September 26, 2014 | Boston, Casinos, Cities, Economic development, Economics, Everett, Gambling, Housing, Infrastructure, Land use, Local issues, Real estate taxes, Speculation, US News | No comments 124 views

[Continued from yesterday's Part 2 and the preceding Part 1.]

By: David A. Smith

Don’t you push me baby, ‘cause I’m all alone
Well I know a little something you won’t ever know

Loser, Grateful Dead (Jerry Garcia, Robert Hunter)

In yesterday’s installment of this multi-part post we saw that casinos generate substantial localized cash flow, and this money must come from somewhere – either from siphoning off revenue from other casinos (in Massachusetts’ case, probably out of state) or by inducing non-gamblers to become gamblers.


Siphoning is easy: just suck

That siphoning is a downside – but there’s an upside, in the land that the prospective casino developer must choose in order to have a footprint to support the new money-spinning operation.

Sources used in this post

Dice or No Dice: The Casino Debate in Massachusetts (Spring, 2011; navy font)

Economic Impact of Casinos on Home Prices, undated NAR 2013 study; red font

Boston Globe (June 30, 2013; gray font)

Revere Journal (October 16, 2013; bruise font)

Boston Globe (April 11, 2014; emerald font)

Boston Globe (June 24, 2014; orange font)

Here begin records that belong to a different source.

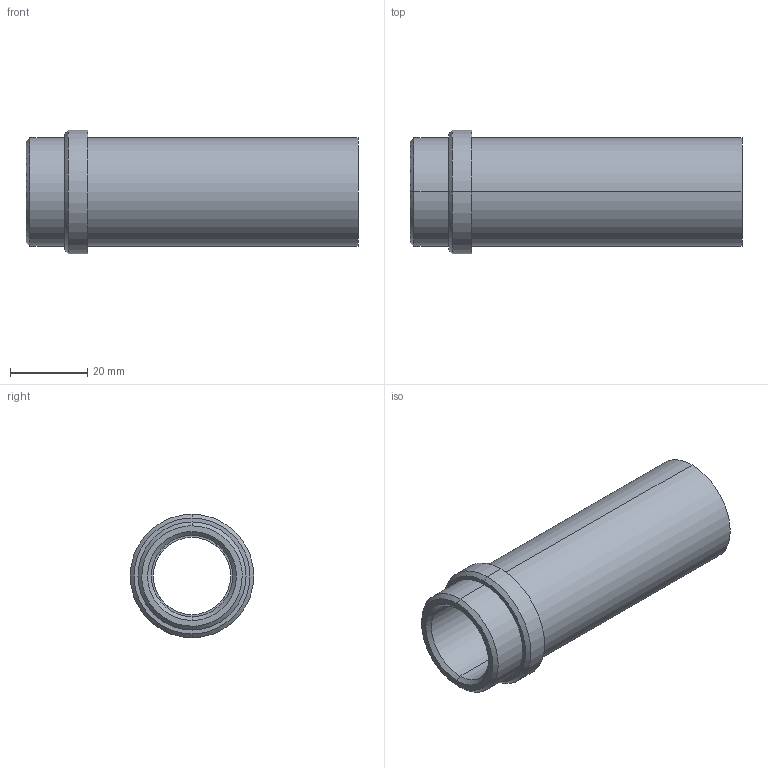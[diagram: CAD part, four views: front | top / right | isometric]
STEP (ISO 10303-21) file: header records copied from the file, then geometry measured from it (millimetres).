
FILE_DESCRIPTION(('CATIA V5 STEP Exchange'),'2;1');
FILE_NAME('C:\Users\Utente\Desktop\IO LAVORO\3D X SITO CF\X SITO\PLASTICA\358\358-20x86.stp','2021-04-08T12:42:12+00:00',('none'),('none'),'CATIA Version 5 Release 20 GA (IN-10)','CATIA V5 STEP AP203','none');
FILE_SCHEMA(('CONFIG_CONTROL_DESIGN'));
Length unit declared in the file: millimetre
Products named in the file (1): 358-20X86
Bounding box: 86 x 32 x 32 mm (x, y, z)
Volume: 25404.2 mm3; surface area: 13966.1 mm2
Topology: 1 solids, 1 shells, 23 faces, 74 edges, 56 vertices
Faces by surface type: cylinder 10, cone 6, plane 5, torus 2
Entity records: 1066 total; most frequent: CARTESIAN_POINT 378, ORIENTED_EDGE 148, DIRECTION 104, EDGE_CURVE 74, AXIS2_PLACEMENT_3D 66, VERTEX_POINT 56, CIRCLE 42, EDGE_LOOP 28
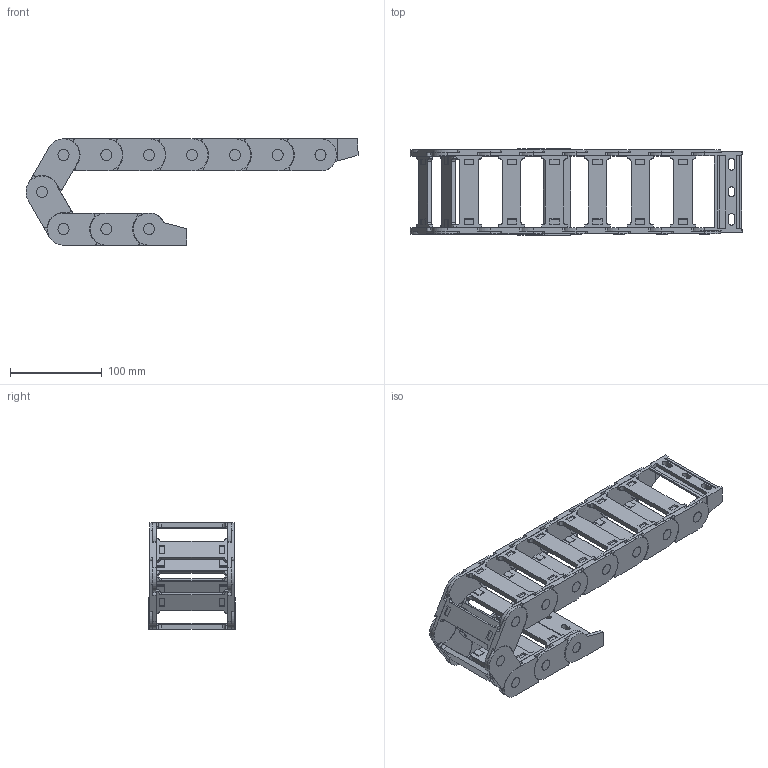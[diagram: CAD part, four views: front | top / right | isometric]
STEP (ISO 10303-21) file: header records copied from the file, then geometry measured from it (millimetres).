
FILE_DESCRIPTION((''),'2;1');
FILE_NAME('QS-25X77-R40_ASM','2022-06-08T09:54:01',('admin'),(''),'CREO PARAMETRIC BY PTC INC, 2021164','CREO PARAMETRIC BY PTC INC, 2021164','');
FILE_SCHEMA(('CONFIG_CONTROL_DESIGN','GEOMETRIC_VALIDATION_PROPERTIES_MIM'));
Length unit declared in the file: millimetre
Products named in the file (7): 25XL-L; 25XL-R; PIAN-25; ASM0001_ASM; 25X77-LTT-1; 25X77-LTT-2; QS-25X77-R40_ASM
Assembly tree (16 placements, depth 3):
  QS-25X77-R40_ASM
    ASM0001_ASM  x10
      25XL-L
      25XL-R
      PIAN-25
    25X77-LTT-1
    25X77-LTT-2
Bounding box: 361.2 x 93.6 x 115.71 mm (x, y, z)
Volume: 420374.7 mm3; surface area: 253082 mm2
Topology: 42 solids, 42 shells, 1652 faces, 4706 edges, 3162 vertices
Faces by surface type: plane 1268, cylinder 384
Entity records: 8445 total; most frequent: CARTESIAN_POINT 1339, DIRECTION 1194, ORIENTED_EDGE 1192, EDGE_CURVE 596, VECTOR 464, LINE 464, VERTEX_POINT 404, AXIS2_PLACEMENT_3D 365
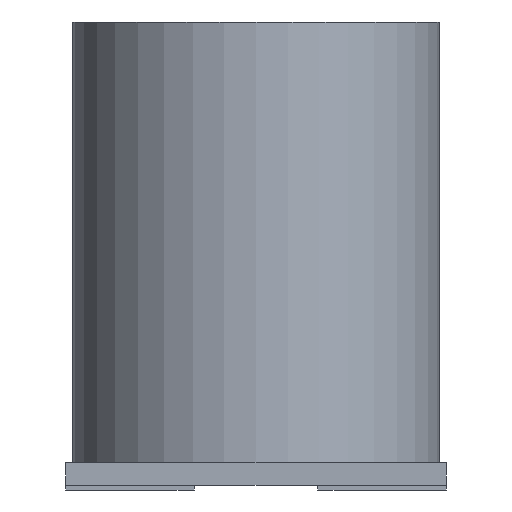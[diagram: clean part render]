
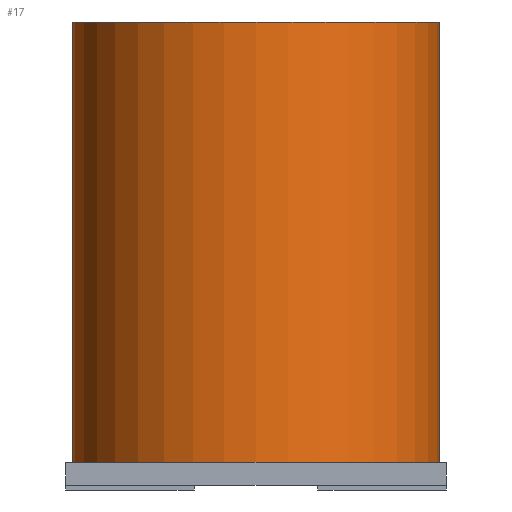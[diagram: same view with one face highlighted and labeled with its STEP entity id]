
A CAD part, front view. The second image highlights one B-rep face of the part: STEP entity #17.
In plain terms, the highlighted cylindrical face has radius 4 mm (diameter 8 mm), a full revolution.
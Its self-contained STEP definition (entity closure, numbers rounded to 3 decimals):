
#17 = ADVANCED_FACE('',(#18),#31,.T.);
#18 = FACE_BOUND('',#19,.T.);
#19 = EDGE_LOOP('',(#20,#54,#77,#104));
#20 = ORIENTED_EDGE('',*,*,#21,.F.);
#21 = EDGE_CURVE('',#22,#22,#24,.T.);
#22 = VERTEX_POINT('',#23);
#23 = CARTESIAN_POINT('',(4.,0.,10.2));
#24 = SURFACE_CURVE('',#25,(#30,#42),.PCURVE_S1.);
#25 = CIRCLE('',#26,4.);
#26 = AXIS2_PLACEMENT_3D('',#27,#28,#29);
#27 = CARTESIAN_POINT('',(0.,0.,10.2));
#28 = DIRECTION('',(0.,0.,1.));
#29 = DIRECTION('',(1.,0.,-0.));
#30 = PCURVE('',#31,#36);
#31 = CYLINDRICAL_SURFACE('',#32,4.);
#32 = AXIS2_PLACEMENT_3D('',#33,#34,#35);
#33 = CARTESIAN_POINT('',(0.,0.,0.6));
#34 = DIRECTION('',(0.,0.,1.));
#35 = DIRECTION('',(1.,0.,-0.));
#36 = DEFINITIONAL_REPRESENTATION('',(#37),#41);
#37 = LINE('',#38,#39);
#38 = CARTESIAN_POINT('',(0.,9.6));
#39 = VECTOR('',#40,1.);
#40 = DIRECTION('',(1.,0.));
#41 = ( GEOMETRIC_REPRESENTATION_CONTEXT(2) 
PARAMETRIC_REPRESENTATION_CONTEXT() REPRESENTATION_CONTEXT('2D SPACE',''
  ) );
#42 = PCURVE('',#43,#48);
#43 = PLANE('',#44);
#44 = AXIS2_PLACEMENT_3D('',#45,#46,#47);
#45 = CARTESIAN_POINT('',(0.,0.,10.2));
#46 = DIRECTION('',(0.,0.,1.));
#47 = DIRECTION('',(1.,0.,-0.));
#48 = DEFINITIONAL_REPRESENTATION('',(#49),#53);
#49 = CIRCLE('',#50,4.);
#50 = AXIS2_PLACEMENT_2D('',#51,#52);
#51 = CARTESIAN_POINT('',(0.,0.));
#52 = DIRECTION('',(1.,0.));
#53 = ( GEOMETRIC_REPRESENTATION_CONTEXT(2) 
PARAMETRIC_REPRESENTATION_CONTEXT() REPRESENTATION_CONTEXT('2D SPACE',''
  ) );
#54 = ORIENTED_EDGE('',*,*,#55,.F.);
#55 = EDGE_CURVE('',#56,#22,#58,.T.);
#56 = VERTEX_POINT('',#57);
#57 = CARTESIAN_POINT('',(4.,0.,0.6));
#58 = SEAM_CURVE('',#59,(#63,#70),.PCURVE_S1.);
#59 = LINE('',#60,#61);
#60 = CARTESIAN_POINT('',(4.,0.,0.6));
#61 = VECTOR('',#62,1.);
#62 = DIRECTION('',(0.,0.,1.));
#63 = PCURVE('',#31,#64);
#64 = DEFINITIONAL_REPRESENTATION('',(#65),#69);
#65 = LINE('',#66,#67);
#66 = CARTESIAN_POINT('',(6.283,-0.));
#67 = VECTOR('',#68,1.);
#68 = DIRECTION('',(0.,1.));
#69 = ( GEOMETRIC_REPRESENTATION_CONTEXT(2) 
PARAMETRIC_REPRESENTATION_CONTEXT() REPRESENTATION_CONTEXT('2D SPACE',''
  ) );
#70 = PCURVE('',#31,#71);
#71 = DEFINITIONAL_REPRESENTATION('',(#72),#76);
#72 = LINE('',#73,#74);
#73 = CARTESIAN_POINT('',(0.,-0.));
#74 = VECTOR('',#75,1.);
#75 = DIRECTION('',(0.,1.));
#76 = ( GEOMETRIC_REPRESENTATION_CONTEXT(2) 
PARAMETRIC_REPRESENTATION_CONTEXT() REPRESENTATION_CONTEXT('2D SPACE',''
  ) );
#77 = ORIENTED_EDGE('',*,*,#78,.T.);
#78 = EDGE_CURVE('',#56,#56,#79,.T.);
#79 = SURFACE_CURVE('',#80,(#85,#92),.PCURVE_S1.);
#80 = CIRCLE('',#81,4.);
#81 = AXIS2_PLACEMENT_3D('',#82,#83,#84);
#82 = CARTESIAN_POINT('',(0.,0.,0.6));
#83 = DIRECTION('',(0.,0.,1.));
#84 = DIRECTION('',(1.,0.,-0.));
#85 = PCURVE('',#31,#86);
#86 = DEFINITIONAL_REPRESENTATION('',(#87),#91);
#87 = LINE('',#88,#89);
#88 = CARTESIAN_POINT('',(0.,0.));
#89 = VECTOR('',#90,1.);
#90 = DIRECTION('',(1.,0.));
#91 = ( GEOMETRIC_REPRESENTATION_CONTEXT(2) 
PARAMETRIC_REPRESENTATION_CONTEXT() REPRESENTATION_CONTEXT('2D SPACE',''
  ) );
#92 = PCURVE('',#93,#98);
#93 = PLANE('',#94);
#94 = AXIS2_PLACEMENT_3D('',#95,#96,#97);
#95 = CARTESIAN_POINT('',(0.,0.,0.6));
#96 = DIRECTION('',(0.,0.,1.));
#97 = DIRECTION('',(1.,0.,-0.));
#98 = DEFINITIONAL_REPRESENTATION('',(#99),#103);
#99 = CIRCLE('',#100,4.);
#100 = AXIS2_PLACEMENT_2D('',#101,#102);
#101 = CARTESIAN_POINT('',(0.,0.));
#102 = DIRECTION('',(1.,0.));
#103 = ( GEOMETRIC_REPRESENTATION_CONTEXT(2) 
PARAMETRIC_REPRESENTATION_CONTEXT() REPRESENTATION_CONTEXT('2D SPACE',''
  ) );
#104 = ORIENTED_EDGE('',*,*,#55,.T.);

The Atlantic (August 7, 2014)

Washington Post (August 26, 2014; olive font)

Boston Globe (September 15, 2014; teal font)

Boston Globe (September 16, 2014; blue font)

Boston Globe (September 16, 2014; photographs)

Massachusetts Gaming Commission web site (lavender font)

Boston Globe (September 23, 2014; magenta font)

3. Urban casinos usually redevelop blighted land

In looking into this story, I saw that, unremarked by all the press covering the issues, the sites chosen for urban casinos seem invariably to be curious real estate: blighted, in fact, by any reasonable definition.  

Crushed brick, rocks, and thick weeds cover much of the 32.4 acres of industrial land on the Mystic River where Las Vegas developer Steve Wynn proposes to build a glamorous $1.2 billion resort casino.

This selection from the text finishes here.